WHAT YOU NEED TO DO:
Reproduce the whole listing exactly and let no picture into the copy.

RECORDS SHOWN:

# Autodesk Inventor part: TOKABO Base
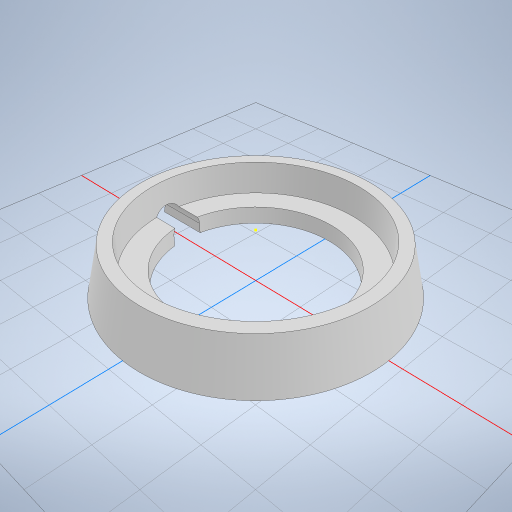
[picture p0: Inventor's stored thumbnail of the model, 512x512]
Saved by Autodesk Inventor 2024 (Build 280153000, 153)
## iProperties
Created: 2025-01
Part Number: TOKABO Base
Material: Generic
Document SubType Name: Modeling
Designer: samue
Density: 1 g/cm^3
Appearance: Default
Author: samue
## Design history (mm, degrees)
sketch "Sketch1"
  geometry: C1 r 55 at (0, 0); 1 further point
  constraints: 1 centre point, 1 coincident
  dimensions: "d0" = 110 diameter of C1
workplane "Work Plane1"
sketch "Sketch2"
  geometry: C1 r 50 at (0, 0); 1 further point
  constraints: 1 centre point, 1 coincident
  dimensions: "d2" = 100 diameter of C1
loft "Loft1" sketch "Sketch2" dims "d3" = 0, "d4" = 90 deg, "d5" = 0, "d6" = 90 deg
sketch "Sketch3"
  geometry: 1 further point
sketch "Sketch4"
  geometry: C1 r 45 at (0, 0); 1 further point
  constraints: 1 centre point, 1 coincident
  dimensions: "d7" = 90 diameter of C1
extrude "Extrusion1" cut sketch "Sketch4" distance "d8" = 13; taper "d9" = 0 deg
sketch "Sketch5"
  geometry: C1 r 35 at (0, 0); 1 further point
  constraints: 1 centre point, 1 coincident
  dimensions: "d10" = 70 diameter of C1
extrude "Extrusion2" cut sketch "Sketch5" distance "d11" = 7; taper "d12" = 0 deg
workplane "Work Plane2"
sketch "Sketch6"
  geometry: L1 (0, 0)-(4, 0); L2 (4, -6)-(-0.084, -6); L3 (4, 6)-(-0.084, 6); L4 (-0.084, -6)-(-0.084, 6); A1 r 6 centre (4, 0) between (4, -6) and (4, 6)
  constraints: 8 end point, 3 horizontal, 2 point on circle, 2 tangent, 1 centre point, 1 coincident, 1 parallel, 1 vertical
  dimensions: "d14" = 4 distance of L1.start L1.end; "d15" = 12 diameter of A1
extrude "Extrusion3" cut sketch "Sketch6" stored distance "d16" = 7; taper "d17" = 0 deg
body "Solid1"
other parameters: "d13" = -55

ANSWER SECTION:
# Autodesk Inventor part: TOKABO Base
[picture p0: Inventor's stored thumbnail of the model, 512x512]
Saved by Autodesk Inventor 2024 (Build 280153000, 153)
## iProperties
Created: 2025-01
Part Number: TOKABO Base
Material: Generic
Document SubType Name: Modeling
Designer: samue
Density: 1 g/cm^3
Appearance: Default
Author: samue
## Design history (mm, degrees)
sketch "Sketch1"
  geometry: C1 r 55 at (0, 0); 1 further point
  constraints: 1 centre point, 1 coincident
  dimensions: "d0" = 110 diameter of C1
workplane "Work Plane1"
sketch "Sketch2"
  geometry: C1 r 50 at (0, 0); 1 further point
  constraints: 1 centre point, 1 coincident
  dimensions: "d2" = 100 diameter of C1
loft "Loft1" sketch "Sketch2" dims "d3" = 0, "d4" = 90 deg, "d5" = 0, "d6" = 90 deg
sketch "Sketch3"
  geometry: 1 further point
sketch "Sketch4"
  geometry: C1 r 45 at (0, 0); 1 further point
  constraints: 1 centre point, 1 coincident
  dimensions: "d7" = 90 diameter of C1
extrude "Extrusion1" cut sketch "Sketch4" distance "d8" = 13; taper "d9" = 0 deg
sketch "Sketch5"
  geometry: C1 r 35 at (0, 0); 1 further point
  constraints: 1 centre point, 1 coincident
  dimensions: "d10" = 70 diameter of C1
extrude "Extrusion2" cut sketch "Sketch5" distance "d11" = 7; taper "d12" = 0 deg
workplane "Work Plane2"
sketch "Sketch6"
  geometry: L1 (0, 0)-(4, 0); L2 (4, -6)-(-0.084, -6); L3 (4, 6)-(-0.084, 6); L4 (-0.084, -6)-(-0.084, 6); A1 r 6 centre (4, 0) between (4, -6) and (4, 6)
  constraints: 8 end point, 3 horizontal, 2 point on circle, 2 tangent, 1 centre point, 1 coincident, 1 parallel, 1 vertical
  dimensions: "d14" = 4 distance of L1.start L1.end; "d15" = 12 diameter of A1
extrude "Extrusion3" cut sketch "Sketch6" stored distance "d16" = 7; taper "d17" = 0 deg
body "Solid1"
other parameters: "d13" = -55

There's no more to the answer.